**Task directions**
Copy the entries without a single change. Pictures should be dropped.

- - - - - - -

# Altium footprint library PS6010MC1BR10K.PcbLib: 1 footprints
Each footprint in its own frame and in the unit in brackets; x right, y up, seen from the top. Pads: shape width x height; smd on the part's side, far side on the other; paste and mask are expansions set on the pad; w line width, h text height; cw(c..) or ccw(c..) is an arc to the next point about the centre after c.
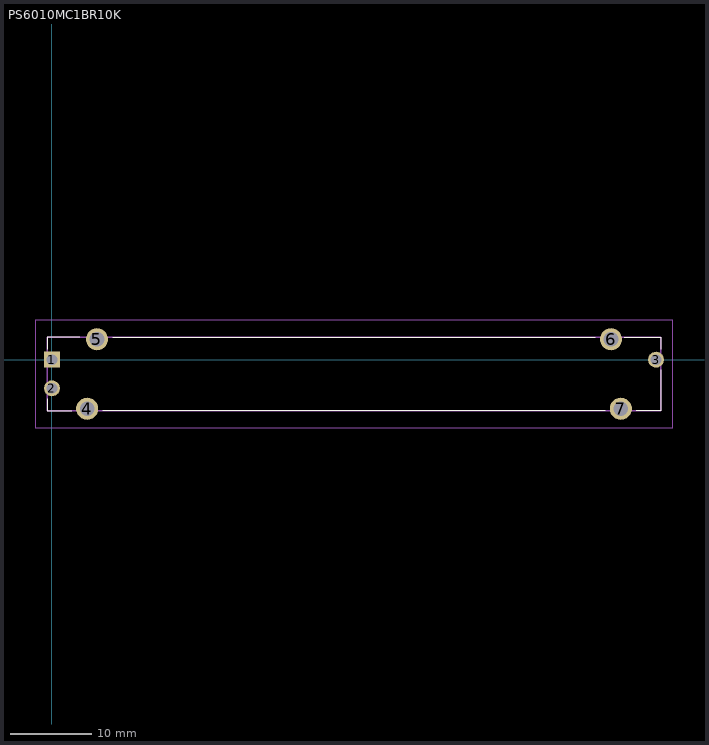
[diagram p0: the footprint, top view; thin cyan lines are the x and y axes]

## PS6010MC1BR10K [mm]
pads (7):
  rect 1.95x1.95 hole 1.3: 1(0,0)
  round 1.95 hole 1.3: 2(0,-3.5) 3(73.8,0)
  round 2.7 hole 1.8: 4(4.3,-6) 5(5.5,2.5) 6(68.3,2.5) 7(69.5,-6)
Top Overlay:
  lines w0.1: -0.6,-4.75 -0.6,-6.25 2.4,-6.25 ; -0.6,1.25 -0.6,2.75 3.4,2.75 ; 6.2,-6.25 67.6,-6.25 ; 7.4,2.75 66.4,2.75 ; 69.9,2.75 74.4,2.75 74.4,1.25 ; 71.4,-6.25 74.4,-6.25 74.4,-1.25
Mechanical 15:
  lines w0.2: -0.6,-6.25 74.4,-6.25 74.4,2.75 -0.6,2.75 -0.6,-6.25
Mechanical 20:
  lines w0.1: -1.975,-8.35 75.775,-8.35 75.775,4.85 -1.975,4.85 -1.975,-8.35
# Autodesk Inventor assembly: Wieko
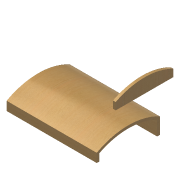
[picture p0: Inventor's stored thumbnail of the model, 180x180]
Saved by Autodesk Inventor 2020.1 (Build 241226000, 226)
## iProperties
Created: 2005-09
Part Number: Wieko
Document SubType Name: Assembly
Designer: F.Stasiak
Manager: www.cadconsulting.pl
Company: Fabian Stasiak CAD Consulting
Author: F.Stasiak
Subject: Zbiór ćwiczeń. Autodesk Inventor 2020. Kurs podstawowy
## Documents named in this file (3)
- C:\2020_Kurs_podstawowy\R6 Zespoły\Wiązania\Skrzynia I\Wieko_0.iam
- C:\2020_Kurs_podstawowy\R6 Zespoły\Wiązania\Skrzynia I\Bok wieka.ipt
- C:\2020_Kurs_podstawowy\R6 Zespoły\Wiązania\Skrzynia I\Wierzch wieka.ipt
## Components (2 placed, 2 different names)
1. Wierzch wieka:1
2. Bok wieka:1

- - - - - - -

**Response below**
# Altium footprint library PS6010MC1BR10K.PcbLib: 1 footprints
Each footprint in its own frame and in the unit in brackets; x right, y up, seen from the top. Pads: shape width x height; smd on the part's side, far side on the other; paste and mask are expansions set on the pad; w line width, h text height; cw(c..) or ccw(c..) is an arc to the next point about the centre after c.
[diagram p0: the footprint, top view; thin cyan lines are the x and y axes]

## PS6010MC1BR10K [mm]
pads (7):
  rect 1.95x1.95 hole 1.3: 1(0,0)
  round 1.95 hole 1.3: 2(0,-3.5) 3(73.8,0)
  round 2.7 hole 1.8: 4(4.3,-6) 5(5.5,2.5) 6(68.3,2.5) 7(69.5,-6)
Top Overlay:
  lines w0.1: -0.6,-4.75 -0.6,-6.25 2.4,-6.25 ; -0.6,1.25 -0.6,2.75 3.4,2.75 ; 6.2,-6.25 67.6,-6.25 ; 7.4,2.75 66.4,2.75 ; 69.9,2.75 74.4,2.75 74.4,1.25 ; 71.4,-6.25 74.4,-6.25 74.4,-1.25
Mechanical 15:
  lines w0.2: -0.6,-6.25 74.4,-6.25 74.4,2.75 -0.6,2.75 -0.6,-6.25
Mechanical 20:
  lines w0.1: -1.975,-8.35 75.775,-8.35 75.775,4.85 -1.975,4.85 -1.975,-8.35
# Autodesk Inventor assembly: Wieko
[picture p0: Inventor's stored thumbnail of the model, 180x180]
Saved by Autodesk Inventor 2020.1 (Build 241226000, 226)
## iProperties
Created: 2005-09
Part Number: Wieko
Document SubType Name: Assembly
Designer: F.Stasiak
Manager: www.cadconsulting.pl
Company: Fabian Stasiak CAD Consulting
Author: F.Stasiak
Subject: Zbiór ćwiczeń. Autodesk Inventor 2020. Kurs podstawowy
## Documents named in this file (3)
- C:\2020_Kurs_podstawowy\R6 Zespoły\Wiązania\Skrzynia I\Wieko_0.iam
- C:\2020_Kurs_podstawowy\R6 Zespoły\Wiązania\Skrzynia I\Bok wieka.ipt
- C:\2020_Kurs_podstawowy\R6 Zespoły\Wiązania\Skrzynia I\Wierzch wieka.ipt
## Components (2 placed, 2 different names)
1. Wierzch wieka:1
2. Bok wieka:1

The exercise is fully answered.